Stored entries

= Beginning of Section =

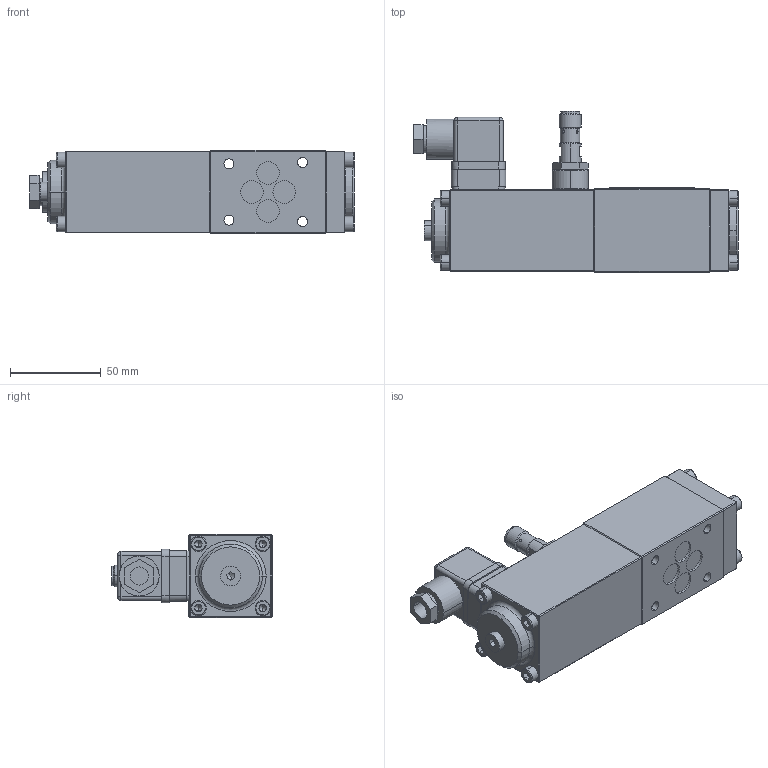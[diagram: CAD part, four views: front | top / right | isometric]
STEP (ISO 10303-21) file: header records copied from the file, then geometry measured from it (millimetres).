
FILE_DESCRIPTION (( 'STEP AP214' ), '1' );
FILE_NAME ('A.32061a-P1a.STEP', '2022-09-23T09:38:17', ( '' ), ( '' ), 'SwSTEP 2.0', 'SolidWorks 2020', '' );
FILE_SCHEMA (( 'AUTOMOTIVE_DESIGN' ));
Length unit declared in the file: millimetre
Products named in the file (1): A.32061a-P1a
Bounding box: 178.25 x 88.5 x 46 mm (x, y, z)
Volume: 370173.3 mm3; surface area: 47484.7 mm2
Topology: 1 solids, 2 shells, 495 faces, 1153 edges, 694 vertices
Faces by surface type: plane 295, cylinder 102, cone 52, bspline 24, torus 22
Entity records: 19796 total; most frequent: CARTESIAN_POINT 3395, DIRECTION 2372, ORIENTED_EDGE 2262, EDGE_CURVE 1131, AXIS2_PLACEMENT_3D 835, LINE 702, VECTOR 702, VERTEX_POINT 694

= End of Section =

**ABOUT THIS TASK**
Apart from the pictures, all of the data must be duplicated exactly as shown above.

**SOLUTION TO THE PROBLEM**
[diagram: CAD part, four views: front | top / right | isometric]
STEP (ISO 10303-21) file: header records copied from the file, then geometry measured from it (millimetres).
FILE_DESCRIPTION (( 'STEP AP214' ), '1' );
FILE_NAME ('A.32061a-P1a.STEP', '2022-09-23T09:38:17', ( '' ), ( '' ), 'SwSTEP 2.0', 'SolidWorks 2020', '' );
FILE_SCHEMA (( 'AUTOMOTIVE_DESIGN' ));
Length unit declared in the file: millimetre
Products named in the file (1): A.32061a-P1a
Bounding box: 178.25 x 88.5 x 46 mm (x, y, z)
Volume: 370173.3 mm3; surface area: 47484.7 mm2
Topology: 1 solids, 2 shells, 495 faces, 1153 edges, 694 vertices
Faces by surface type: plane 295, cylinder 102, cone 52, bspline 24, torus 22
Entity records: 19796 total; most frequent: CARTESIAN_POINT 3395, DIRECTION 2372, ORIENTED_EDGE 2262, EDGE_CURVE 1131, AXIS2_PLACEMENT_3D 835, LINE 702, VECTOR 702, VERTEX_POINT 694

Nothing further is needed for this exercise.